Shai Erera commented on LUCENE-5339:
------------------------------------

Some comments about the patch:

* You have a TODO file which seems to have been 'svn added' - are you aware of 
it? Just making sure, so it's not accidentally committed :)

* Maybe we should do this work in a branch and avoid the .simple package? It 
seems that the majority of the patch is about copy-pasting classes over to 
.simple, which I assume you did so you can work in isolation and have tests 
pass?

* FieldTypes:
** Can FT.FieldType provide a ctor taking these arguments and then 
DEFAULT_FIELD_TYPE pass (false,false)? Or, init those two members to false.
** I wonder if FieldTypes won't confuse users w/ Field.FieldType, so maybe you 
should name it DimType or something? And the upper class FacetsConfig?
** Maybe instead of setHierarchical + setMultiValued you do 
setDimType(DimType)? Then you could avoid the synchronization?
** Not sure, but I think that SimpleFacetFields adds the dimension's ordinal if 
the dim is both hierarchical and multi-valued? That's a step back from the 
default ALL_BUT_DIM that we have today. I think we might want to have a 
requiresDimValue or something, because I do think the dimension's value (count) 
is most often unneeded, and it's a waste to encode its ordinal?

* Constants isn't documented, not sure if 'precommit' will like that, but in 
general I think the constants should have jdocs. Maybe put a nocommit?

* TaxonomyFacetCounts
** .getAllDims() -- If a dimension is not hierarchical, I think 
SimpleFacetResult.count == 0? In that case, sorting by its count is useless?
*** I think it's also relevant for SortedSet?

* LabelAndValue has a Number as the value rather than double. I see this class 
is used only in the final step (labeling), but what's wrong w/ the previous 
'double' primitive? Is it to avoid casting or something?

On the approach in general - I personally don't think the current API is 
overwhelming, but looking at your patch, I do think it could use some 
simplification. But all in all, it allows an app extend the facets capabilities 
in ways that do not force it to duplicate a lot of code. Let me explain:

+CategoryListIterator+

That's the piece of code which is responsible for decoding the category list. 
It's currently used for two purposes: (1) allow you to encode the categories in 
different formats (using IntEncoder/Decoder abstraction) as well as load the 
categories from a different source. E.g. that's how we were able to test fast 
cutting over facets to DV from Payload, that's a nice abstraction for letting 
you load the values from a cache, and so forth.
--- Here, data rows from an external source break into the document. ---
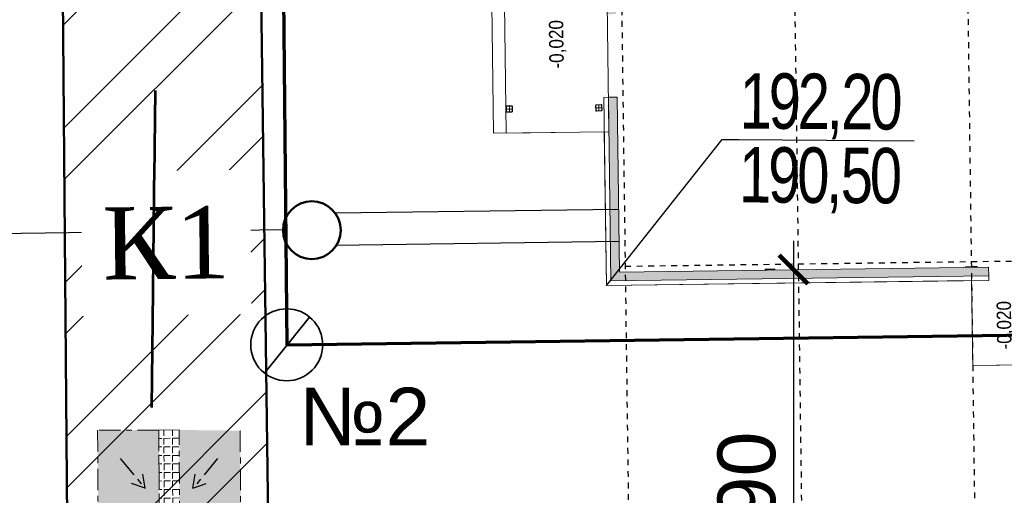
# Model space of a CAD drawing. Header units: millimetres. Extents: x -1417942937 to 6455317, y -572870874 to 774296.
# Tile 18 of 76: x 3227620 to 3227637, y 386177 to 386185. Entities that reach past the tile are written whole.
import ezdxf
from ezdxf import colors
from ezdxf.entities.mleader import LeaderData, LeaderLine
from ezdxf.math import Vec2, Vec3

# ---------------------------------------------------------------- set-up
doc = ezdxf.new("R2010")
doc.units = ezdxf.units.MM
doc.linetypes.add('CONTI', pattern=[0])
doc.linetypes.add('ОСЕВАЯ', pattern=[2, 1.25, -0.25, 0.25, -0.25])
for name, color, linetype, lineweight in [('000_Опасная зона', 10, 'Continuous', 35), ('1 Схема дв транспорта', 7, 'лоток2', 30), ('Оси', 92, 'ОСЕВАЯ', 9)]:
    doc.layers.add(name, color=color, linetype=linetype, lineweight=lineweight)
for name, color, linetype in [('02 Отм по угл', 1, 'Continuous'), ('1 Здание', 7, 'Continuous'), ('1 Здание 31.10.22', 7, 'Continuous'), ('1 Оси', 7, 'Continuous'), ('1 ПС', 7, 'Continuous'), ('8 К1', 7, 'Continuous')]:
    doc.layers.add(name, color=color, linetype=linetype)
doc.layers.add('41вспом', color=7, linetype='Continuous', lineweight=5, true_color=0xac0662)
doc.styles.add('ACAD14', font='arial.ttf', dxfattribs={"width": 0.75, "height": 1.5})
doc.styles.add('Arial', font='arial.ttf')
doc.styles.get("Standard").update_dxf_attribs({"font": 'arial.ttf'})
doc.styles.add('СГЕНЕРИР_СТИЛЬ_1', font='arial.ttf', dxfattribs={"width": 0.85})
doc.styles.add('Стиль НМ', font='arial.ttf')
doc.styles.add('стиль3', font='times.ttf')
doc.linetypes.add('OZ_krana', pattern='A,20,[130,ltypeshp.shx,S=3,R=0,X=0,Y=3],-0.01,[130,ltypeshp.shx,S=1.414,R=45,X=1,Y=5],-0.01,[130,ltypeshp.shx,S=1.414,R=-45,X=1,Y=3],20,-5,0,2,-5', length=52.02)
doc.linetypes.add('лоток2', pattern='A,12.7,-5.08,["V",Standard,S=2.54,R=90,X=-2.54,Y=-1.27],-6.35', length=24.13)
doc.dimstyles.new('Генплан-чел', dxfattribs={"dimtxt": 1.5, "dimasz": 0.5, "dimexe": 0.5, "dimexo": 0.5, "dimtad": 1, "dimzin": 0, "dimdsep": 46, "dimtxsty": 'ACAD14', "dimblk": 'OBLIQUE', "dimcen": 1, "dimdle": 0.5, "dimclrd": 256, "dimclre": 256, "dimclrt": 256, "dimadec": 8, "dimazin": 2, "dimtfac": 1, "dimtmove": 0, "dimatfit": 3, "dimldrblk": 'OPEN30', "dimfxl": 0.5, "dimtfill": 1, "dimtfillclr": 256, "dimtolj": 1, "dimtzin": 0, "dimlwd": -1, "dimlwe": -1, "dimarcsym": 0})
picture_1 = doc.add_image_def('image2.tif', size_in_pixel=(27388, 31050))
pattern_1 = [(0.205509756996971, (4195744.107855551, 501935.410560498), (-0.001803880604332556, 0.5029167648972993), [0.3657599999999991, -0.1371599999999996]), (90.20550975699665, (4195744.107855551, 501935.410560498), (-0.5029167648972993, -0.001803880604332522), [0.3657599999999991, -0.1371599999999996])]

# ---------------------------------------------------------------- blocks, each defined once
blk = doc.blocks.new('_None')
blk = doc.blocks.new('егыук5к')
at = {"layer": '1 Здание 31.10.22', "lineweight": 20, "ltscale": 100}
h = blk.add_hatch(color=7, dxfattribs=at)
h.dxf.hatch_style = 1
h.paths.add_polyline_path([(-66697.62285701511, -43782.57640554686), (-66697.62285701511, -43632.25405501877), (-69877.88014356, -43632.576405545), (-69877.88014356, -50182.49404543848), (-69727.88014356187, -50182.49404544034), (-69727.88014356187, -43782.57640554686)])
h.paths.add_polyline_path([(-65257.62285701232, -43632.25405501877), (-64357.62285701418, -43632.25405501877), (-64357.62285701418, -43782.57640554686), (-65257.62285701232, -43782.57640554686)])
h.paths.add_polyline_path([(-63347.62285701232, -43632.57640555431), (-61737.54039218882, -43632.57640555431), (-61737.54039218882, -43782.57640554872), (-63347.62285701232, -43782.57640554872)])
h.paths.add_polyline_path([(-60727.54039219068, -43632.25405501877), (-52577.81706735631, -43632.25405501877), (-52577.81706735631, -48292.57640554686), (-52727.81706735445, -48292.57640554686), (-52727.81706735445, -43782.57640554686), (-60727.54039218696, -43782.57640554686), (-60727.54039218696, -43633.0508269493)])
at = {"layer": '1 Здание 31.10.22', "color": 7, "lineweight": 20, "ltscale": 100}
for p, q in [((-66820.61706735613, -41912.57640554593), (-66935.01706735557, -41912.57640554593)), ((-66932.81706735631, -41955.4764055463), (-66932.81706735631, -41869.67640554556)), ((-66926.7670673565, -41955.4764055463), (-66926.7670673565, -41869.67640554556)), ((-66920.71706735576, -41857.57640554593), (-66834.91706735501, -41857.57640554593)), ((-66920.71706735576, -41863.62640554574), (-66834.91706735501, -41863.62640554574)), ((-66834.91706735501, -41961.52640554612), (-66920.71706735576, -41961.52640554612)), ((-66834.91706735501, -41967.57640554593), (-66920.71706735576, -41967.57640554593)), ((-66877.81706735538, -41855.37640554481), (-66877.81706735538, -41969.77640554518)), ((-66828.8670673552, -41869.67640554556), (-66828.8670673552, -41955.4764055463)), ((-66822.81706735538, -41869.67640554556), (-66822.81706735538, -41955.4764055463)), ((-66820.61706735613, -43462.576405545), (-66935.01706735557, -43462.576405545)), ((-66932.81706735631, -43505.47640554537), (-66932.81706735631, -43419.67640554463)), ((-66926.7670673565, -43505.47640554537), (-66926.7670673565, -43419.67640554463)), ((-66920.71706735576, -43407.576405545), (-66834.91706735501, -43407.576405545)), ((-66920.71706735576, -43413.62640554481), (-66834.91706735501, -43413.62640554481)), ((-66834.91706735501, -43511.52640554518), (-66920.71706735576, -43511.52640554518)), ((-66834.91706735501, -43517.576405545), (-66920.71706735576, -43517.576405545)), ((-66877.81706735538, -43405.37640554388), (-66877.81706735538, -43519.77640554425)), ((-66828.8670673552, -43419.67640554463), (-66828.8670673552, -43505.47640554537)), ((-66822.81706735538, -43419.67640554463), (-66822.81706735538, -43505.47640554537)), ((-69725.38014356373, -49782.57640554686), (-69715.38014356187, -49782.57640554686)), ((-69725.38014356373, -49982.57640554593), (-69725.38014356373, -49782.57640554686)), ((-69715.38014356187, -49866.32640554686), (-69715.38014356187, -49782.57640554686)), ((-69927.8801435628, -49882.576405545), (-71427.8801435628, -49882.576405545)), ((-71427.8801435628, -49882.576405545), (-71427.8801435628, -51922.57640554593)), ((-69725.38014356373, -49982.57640554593), (-69715.38014356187, -49982.57640554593)), ((-69715.38014356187, -49982.57640554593), (-69715.38014356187, -49898.82640554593))]:
    blk.add_line(p, q, dxfattribs=at)
blk.add_lwpolyline([(-67293.42720551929, -41632.25405501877), (-60593.03902480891, -41632.25405501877), (-60593.03902480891, -43632.25405501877), (-67293.42720551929, -43632.25405501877)], close=True, dxfattribs=at)
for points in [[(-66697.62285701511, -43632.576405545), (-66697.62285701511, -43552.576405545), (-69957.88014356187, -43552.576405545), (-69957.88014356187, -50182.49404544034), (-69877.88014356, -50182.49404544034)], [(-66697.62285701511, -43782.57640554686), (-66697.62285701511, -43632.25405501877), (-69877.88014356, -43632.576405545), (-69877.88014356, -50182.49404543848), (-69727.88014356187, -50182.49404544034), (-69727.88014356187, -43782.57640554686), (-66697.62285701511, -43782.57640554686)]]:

If you want to specialize code, you can do what FastCountingFacetsAggregator 
does -- if you encoded w/ DGapVInt and you want counting, it doesn't go through 
the CLI API. But if you look at SumScoreFacetsAggregator, there's no reason for 
it to be limited to just DGapVInt encoding, or that you (the app) won't be able 
to pull the ordinals from a cache, without rewriting SumScoreFacetsAggregator.

Hack, even though it's not implemented yet, we could implement a SortedSetCLI 
(as far as I can tell) which uses SortedSetDVReaderState to pull the ordinals 
of document. It's really a useful interface.

So IMO the CLI interface is important. Most apps, I believe, don't extend the 
facets module (they'll use counting and maybe aggregate by ValueSource 
pre-built classes). But those that do want to add another aggregation method 
(e.g. ValueSourceFacetsAggregator), can simply use the CLI API, or copy-paste 
the DGapVInt decode logic if they want to specialize. Especially that that code 
is not that trivial, and we've spent a lot of time optimizing it. And the few 
apps that want to explore other encoding/decoding logic can write their own CLI.

Without that interface, if e.g. you want to encode the ordinals differently, or 
load them from a cache (e.g. CachedOrds), you'd have to rewrite *every* 
aggregation method that you want to use. And most probably you'll copy-paste 
the majority of the code. So why let go of the interface?

+FacetsCollector+

It's pretty much your SimpleFC, only it requires to get a FacetsAccumulator. 
That was done as a convenience so that apps can send in a collector and then 
call fc.getFacetResults. But its essense is really the fact that it collects 
MatchingDocs per segment, which the aggregators later use to aggreate the faces 
in those matching docs.

Given the changes in this patch, +1 for making it just return the 
List<MatchingDocs> and let whatever API we decide on to use that list, instead 
of FC.getFacetResults().

+FacetsAggregator+

This class lets you implement the aggregation function, be it count, sum-score, 
value-source or by-association. I think it's equivalent to TaxoFacetCounts, 
e.g. in your approach, if anyone will want to aggregate the ordinals by other 
than count, that's what they will need to write.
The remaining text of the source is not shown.